**Action item**.
Your answer should hold all lines of the entries that include the word "angle".

Exercise material below:

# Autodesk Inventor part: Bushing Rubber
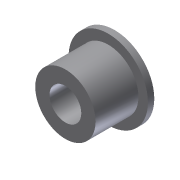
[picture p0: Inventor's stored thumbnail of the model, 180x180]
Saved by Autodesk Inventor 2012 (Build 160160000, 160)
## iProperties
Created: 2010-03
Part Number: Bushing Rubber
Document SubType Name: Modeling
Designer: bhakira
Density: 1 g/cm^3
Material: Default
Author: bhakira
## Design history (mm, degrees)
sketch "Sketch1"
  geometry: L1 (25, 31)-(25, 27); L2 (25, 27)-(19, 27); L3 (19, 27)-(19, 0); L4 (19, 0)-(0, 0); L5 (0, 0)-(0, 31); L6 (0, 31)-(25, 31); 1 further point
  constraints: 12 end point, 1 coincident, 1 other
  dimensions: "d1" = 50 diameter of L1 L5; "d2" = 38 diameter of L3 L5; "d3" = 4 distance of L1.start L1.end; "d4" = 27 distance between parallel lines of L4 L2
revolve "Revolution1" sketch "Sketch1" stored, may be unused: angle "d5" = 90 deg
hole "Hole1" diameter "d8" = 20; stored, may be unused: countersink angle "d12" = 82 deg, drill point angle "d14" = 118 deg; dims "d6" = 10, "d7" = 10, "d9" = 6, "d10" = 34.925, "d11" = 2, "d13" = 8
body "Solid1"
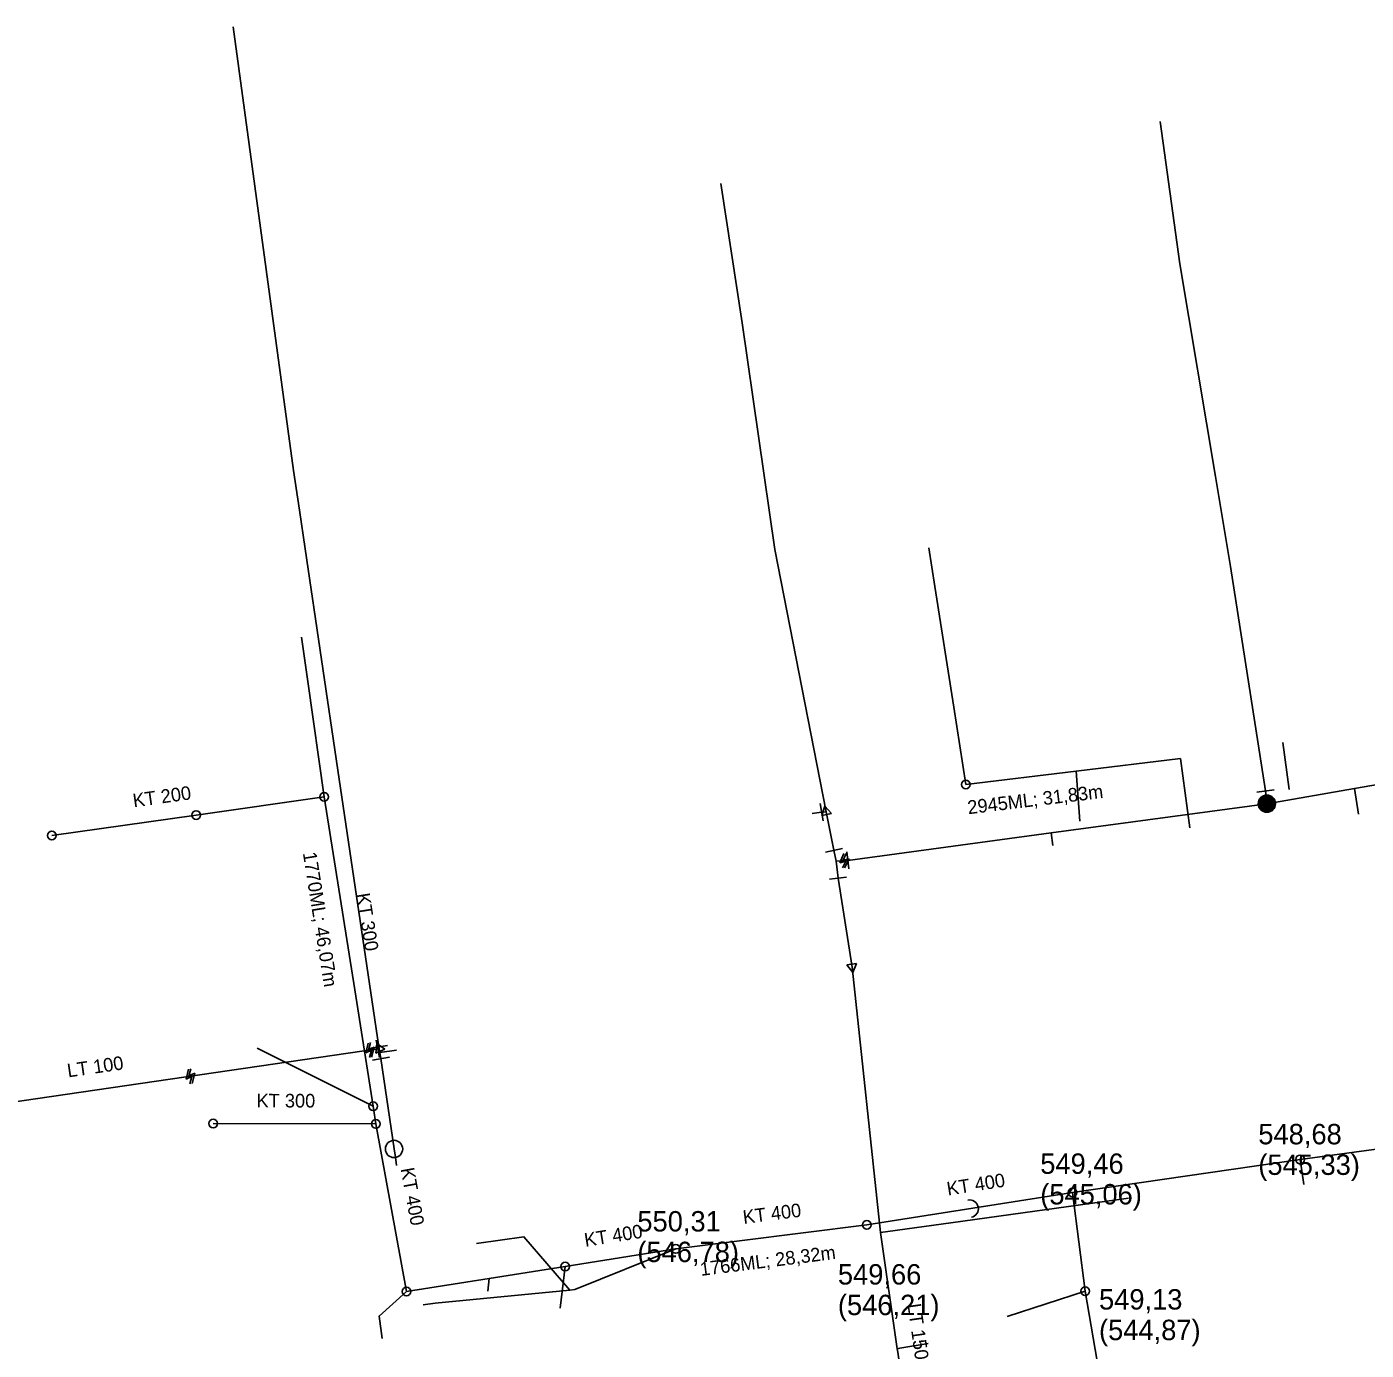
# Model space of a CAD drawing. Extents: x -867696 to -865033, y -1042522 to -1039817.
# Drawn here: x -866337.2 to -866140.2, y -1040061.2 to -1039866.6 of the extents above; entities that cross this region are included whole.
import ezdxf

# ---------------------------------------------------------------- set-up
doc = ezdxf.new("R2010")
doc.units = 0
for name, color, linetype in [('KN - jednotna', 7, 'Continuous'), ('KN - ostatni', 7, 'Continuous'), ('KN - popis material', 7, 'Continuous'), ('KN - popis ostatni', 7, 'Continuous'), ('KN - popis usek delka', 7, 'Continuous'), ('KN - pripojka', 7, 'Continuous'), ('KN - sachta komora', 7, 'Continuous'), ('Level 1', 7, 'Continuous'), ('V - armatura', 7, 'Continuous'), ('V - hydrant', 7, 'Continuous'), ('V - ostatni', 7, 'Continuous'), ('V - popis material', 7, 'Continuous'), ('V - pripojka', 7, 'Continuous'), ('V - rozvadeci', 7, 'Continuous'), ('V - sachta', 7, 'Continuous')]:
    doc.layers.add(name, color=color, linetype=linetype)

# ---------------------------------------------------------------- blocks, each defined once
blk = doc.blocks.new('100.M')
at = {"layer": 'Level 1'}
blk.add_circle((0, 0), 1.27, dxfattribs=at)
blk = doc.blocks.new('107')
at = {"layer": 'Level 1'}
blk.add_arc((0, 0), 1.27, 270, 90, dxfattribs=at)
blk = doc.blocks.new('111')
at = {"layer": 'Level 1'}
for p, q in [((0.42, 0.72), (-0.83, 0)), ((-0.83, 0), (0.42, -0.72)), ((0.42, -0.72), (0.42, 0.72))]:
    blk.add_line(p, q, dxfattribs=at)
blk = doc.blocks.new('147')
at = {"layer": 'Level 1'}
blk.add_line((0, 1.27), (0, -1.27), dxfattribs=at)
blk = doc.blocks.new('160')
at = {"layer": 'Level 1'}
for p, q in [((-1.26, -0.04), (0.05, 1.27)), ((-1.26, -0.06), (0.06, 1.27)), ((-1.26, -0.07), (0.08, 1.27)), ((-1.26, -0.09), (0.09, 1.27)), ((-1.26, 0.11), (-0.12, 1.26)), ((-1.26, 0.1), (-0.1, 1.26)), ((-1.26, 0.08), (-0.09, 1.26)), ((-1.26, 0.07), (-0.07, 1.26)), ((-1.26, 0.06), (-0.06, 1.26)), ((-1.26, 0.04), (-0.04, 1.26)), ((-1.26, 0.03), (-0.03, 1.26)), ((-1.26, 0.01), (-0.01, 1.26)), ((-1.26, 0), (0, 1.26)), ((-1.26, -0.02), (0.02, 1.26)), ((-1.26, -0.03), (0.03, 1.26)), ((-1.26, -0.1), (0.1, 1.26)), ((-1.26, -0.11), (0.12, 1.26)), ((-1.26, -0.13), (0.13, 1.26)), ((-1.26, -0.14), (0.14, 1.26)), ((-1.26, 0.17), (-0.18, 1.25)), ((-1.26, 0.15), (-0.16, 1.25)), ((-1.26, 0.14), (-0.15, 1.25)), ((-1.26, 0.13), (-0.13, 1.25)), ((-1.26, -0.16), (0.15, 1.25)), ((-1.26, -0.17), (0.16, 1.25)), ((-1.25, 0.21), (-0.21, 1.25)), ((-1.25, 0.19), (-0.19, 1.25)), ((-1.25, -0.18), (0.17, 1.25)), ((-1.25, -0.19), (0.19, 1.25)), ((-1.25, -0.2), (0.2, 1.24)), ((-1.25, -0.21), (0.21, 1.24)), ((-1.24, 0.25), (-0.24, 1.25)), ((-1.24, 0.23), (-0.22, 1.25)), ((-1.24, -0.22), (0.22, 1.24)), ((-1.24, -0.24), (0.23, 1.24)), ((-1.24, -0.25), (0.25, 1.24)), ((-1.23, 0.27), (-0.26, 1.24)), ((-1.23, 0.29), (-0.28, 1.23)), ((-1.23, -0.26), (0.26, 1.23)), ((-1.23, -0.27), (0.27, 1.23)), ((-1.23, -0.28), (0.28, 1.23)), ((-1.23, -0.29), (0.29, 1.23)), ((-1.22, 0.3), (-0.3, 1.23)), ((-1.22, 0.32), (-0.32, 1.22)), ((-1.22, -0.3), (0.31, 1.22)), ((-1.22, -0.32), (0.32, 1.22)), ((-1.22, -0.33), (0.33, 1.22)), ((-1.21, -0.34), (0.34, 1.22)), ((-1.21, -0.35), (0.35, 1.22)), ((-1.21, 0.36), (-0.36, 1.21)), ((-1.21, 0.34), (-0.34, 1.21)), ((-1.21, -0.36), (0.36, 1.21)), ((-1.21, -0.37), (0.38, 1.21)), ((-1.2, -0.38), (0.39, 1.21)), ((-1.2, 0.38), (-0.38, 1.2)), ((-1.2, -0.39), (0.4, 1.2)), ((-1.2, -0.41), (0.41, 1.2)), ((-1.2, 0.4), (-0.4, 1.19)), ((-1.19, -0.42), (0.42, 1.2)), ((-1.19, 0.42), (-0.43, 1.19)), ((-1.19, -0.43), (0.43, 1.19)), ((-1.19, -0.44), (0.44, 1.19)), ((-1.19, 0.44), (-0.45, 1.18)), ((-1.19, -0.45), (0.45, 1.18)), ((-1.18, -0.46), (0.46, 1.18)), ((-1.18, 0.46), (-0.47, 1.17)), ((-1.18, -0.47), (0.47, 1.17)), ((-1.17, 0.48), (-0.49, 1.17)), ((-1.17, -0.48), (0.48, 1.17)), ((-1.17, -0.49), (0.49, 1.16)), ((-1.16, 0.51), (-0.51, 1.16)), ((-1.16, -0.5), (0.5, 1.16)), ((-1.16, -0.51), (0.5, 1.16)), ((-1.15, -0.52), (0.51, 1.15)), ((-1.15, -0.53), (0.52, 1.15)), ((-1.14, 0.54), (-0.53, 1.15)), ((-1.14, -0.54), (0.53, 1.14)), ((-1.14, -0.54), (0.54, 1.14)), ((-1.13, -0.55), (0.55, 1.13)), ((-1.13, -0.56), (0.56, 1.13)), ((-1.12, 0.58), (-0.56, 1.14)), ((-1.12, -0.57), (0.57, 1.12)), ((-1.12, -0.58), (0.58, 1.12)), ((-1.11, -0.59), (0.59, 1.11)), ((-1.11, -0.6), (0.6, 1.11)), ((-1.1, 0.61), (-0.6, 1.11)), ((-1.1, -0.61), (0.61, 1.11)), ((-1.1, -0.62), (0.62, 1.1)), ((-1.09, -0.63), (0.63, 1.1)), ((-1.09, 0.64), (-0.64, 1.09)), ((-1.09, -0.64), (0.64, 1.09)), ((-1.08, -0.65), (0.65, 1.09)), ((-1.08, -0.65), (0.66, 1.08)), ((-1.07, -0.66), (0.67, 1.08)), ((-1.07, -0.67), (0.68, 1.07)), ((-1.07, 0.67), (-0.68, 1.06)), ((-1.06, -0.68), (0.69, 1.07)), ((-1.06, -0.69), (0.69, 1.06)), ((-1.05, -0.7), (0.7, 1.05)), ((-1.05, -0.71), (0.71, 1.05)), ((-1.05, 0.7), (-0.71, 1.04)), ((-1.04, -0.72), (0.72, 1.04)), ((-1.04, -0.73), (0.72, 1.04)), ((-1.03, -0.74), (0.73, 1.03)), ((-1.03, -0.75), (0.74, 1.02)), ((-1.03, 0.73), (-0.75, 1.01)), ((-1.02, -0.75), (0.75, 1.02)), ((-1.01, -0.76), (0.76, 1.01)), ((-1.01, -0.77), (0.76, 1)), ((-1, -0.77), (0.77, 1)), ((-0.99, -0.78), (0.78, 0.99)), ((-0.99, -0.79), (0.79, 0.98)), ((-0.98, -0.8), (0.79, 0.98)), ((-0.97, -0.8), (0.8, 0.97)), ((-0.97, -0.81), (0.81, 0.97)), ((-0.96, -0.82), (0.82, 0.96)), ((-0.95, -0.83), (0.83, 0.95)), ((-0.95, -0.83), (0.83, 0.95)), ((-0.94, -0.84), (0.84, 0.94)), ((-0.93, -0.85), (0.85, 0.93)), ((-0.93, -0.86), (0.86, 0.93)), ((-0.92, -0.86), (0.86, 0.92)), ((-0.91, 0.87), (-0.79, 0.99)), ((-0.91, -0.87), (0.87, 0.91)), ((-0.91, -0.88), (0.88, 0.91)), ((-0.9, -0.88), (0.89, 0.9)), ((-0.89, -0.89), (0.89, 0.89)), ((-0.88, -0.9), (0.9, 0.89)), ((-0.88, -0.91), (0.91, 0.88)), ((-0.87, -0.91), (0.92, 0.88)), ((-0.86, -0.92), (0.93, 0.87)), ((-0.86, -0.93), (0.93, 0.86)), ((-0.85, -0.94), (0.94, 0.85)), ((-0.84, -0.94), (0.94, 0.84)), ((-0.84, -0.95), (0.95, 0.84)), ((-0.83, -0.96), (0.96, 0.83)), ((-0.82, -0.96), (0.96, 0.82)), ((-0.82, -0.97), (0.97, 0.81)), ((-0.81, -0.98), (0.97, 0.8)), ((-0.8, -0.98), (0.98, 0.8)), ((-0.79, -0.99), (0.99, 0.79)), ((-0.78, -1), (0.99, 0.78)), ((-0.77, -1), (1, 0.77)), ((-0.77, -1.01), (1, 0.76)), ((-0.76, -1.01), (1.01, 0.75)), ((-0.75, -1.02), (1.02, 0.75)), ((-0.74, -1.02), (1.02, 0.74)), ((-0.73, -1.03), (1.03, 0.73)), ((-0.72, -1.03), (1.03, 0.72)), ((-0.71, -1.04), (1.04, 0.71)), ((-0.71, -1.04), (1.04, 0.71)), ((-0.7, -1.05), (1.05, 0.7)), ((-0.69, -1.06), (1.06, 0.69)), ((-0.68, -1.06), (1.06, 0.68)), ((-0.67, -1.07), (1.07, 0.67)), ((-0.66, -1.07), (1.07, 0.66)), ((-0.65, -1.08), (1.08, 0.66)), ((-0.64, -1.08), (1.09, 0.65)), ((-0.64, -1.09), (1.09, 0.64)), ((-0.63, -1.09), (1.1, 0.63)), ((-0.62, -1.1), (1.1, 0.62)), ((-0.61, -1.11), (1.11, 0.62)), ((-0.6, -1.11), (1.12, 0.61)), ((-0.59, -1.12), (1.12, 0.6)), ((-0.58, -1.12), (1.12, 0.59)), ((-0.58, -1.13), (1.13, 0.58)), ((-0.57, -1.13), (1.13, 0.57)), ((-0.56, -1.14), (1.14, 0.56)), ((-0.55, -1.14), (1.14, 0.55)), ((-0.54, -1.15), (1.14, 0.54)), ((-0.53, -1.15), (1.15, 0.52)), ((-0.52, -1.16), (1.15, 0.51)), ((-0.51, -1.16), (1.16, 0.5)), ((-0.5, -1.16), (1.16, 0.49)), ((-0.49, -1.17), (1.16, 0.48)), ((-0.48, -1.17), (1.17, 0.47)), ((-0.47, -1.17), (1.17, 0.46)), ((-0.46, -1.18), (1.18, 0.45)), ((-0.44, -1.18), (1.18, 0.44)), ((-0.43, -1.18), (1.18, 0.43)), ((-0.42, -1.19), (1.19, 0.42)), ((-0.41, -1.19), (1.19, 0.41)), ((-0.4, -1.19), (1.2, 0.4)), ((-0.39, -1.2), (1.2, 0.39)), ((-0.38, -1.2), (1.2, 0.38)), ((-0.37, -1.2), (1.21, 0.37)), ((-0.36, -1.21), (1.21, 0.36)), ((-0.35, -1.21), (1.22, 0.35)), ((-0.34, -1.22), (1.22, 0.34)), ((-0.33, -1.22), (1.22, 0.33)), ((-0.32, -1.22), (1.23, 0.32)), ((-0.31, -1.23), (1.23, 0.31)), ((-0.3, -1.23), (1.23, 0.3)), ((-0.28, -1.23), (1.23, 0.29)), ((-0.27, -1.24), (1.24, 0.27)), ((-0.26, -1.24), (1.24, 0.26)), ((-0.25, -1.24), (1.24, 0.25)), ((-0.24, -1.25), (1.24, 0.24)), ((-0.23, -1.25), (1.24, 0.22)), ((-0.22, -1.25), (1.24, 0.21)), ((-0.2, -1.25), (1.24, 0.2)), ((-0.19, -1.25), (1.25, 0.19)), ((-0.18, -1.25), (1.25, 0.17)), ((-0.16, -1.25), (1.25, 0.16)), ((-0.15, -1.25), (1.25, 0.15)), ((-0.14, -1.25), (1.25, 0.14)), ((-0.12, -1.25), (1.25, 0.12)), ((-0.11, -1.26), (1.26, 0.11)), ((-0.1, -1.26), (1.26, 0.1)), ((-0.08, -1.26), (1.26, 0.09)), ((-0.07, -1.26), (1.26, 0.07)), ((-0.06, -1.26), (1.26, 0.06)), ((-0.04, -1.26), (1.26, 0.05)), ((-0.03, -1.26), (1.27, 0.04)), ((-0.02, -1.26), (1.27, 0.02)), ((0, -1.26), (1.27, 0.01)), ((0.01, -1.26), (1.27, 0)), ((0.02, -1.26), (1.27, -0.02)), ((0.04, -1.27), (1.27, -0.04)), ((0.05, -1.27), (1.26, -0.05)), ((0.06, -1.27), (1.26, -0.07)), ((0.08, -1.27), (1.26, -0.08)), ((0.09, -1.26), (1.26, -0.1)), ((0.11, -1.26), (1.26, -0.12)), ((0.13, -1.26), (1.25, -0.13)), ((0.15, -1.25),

End of Exercise material.

**Reply**.
revolve "Revolution1" sketch "Sketch1" stored, may be unused: angle "d5" = 90 deg
hole "Hole1" diameter "d8" = 20; stored, may be unused: countersink angle "d12" = 82 deg, drill point angle "d14" = 118 deg; dims "d6" = 10, "d7" = 10, "d9" = 6, "d10" = 34.925, "d11" = 2, "d13" = 8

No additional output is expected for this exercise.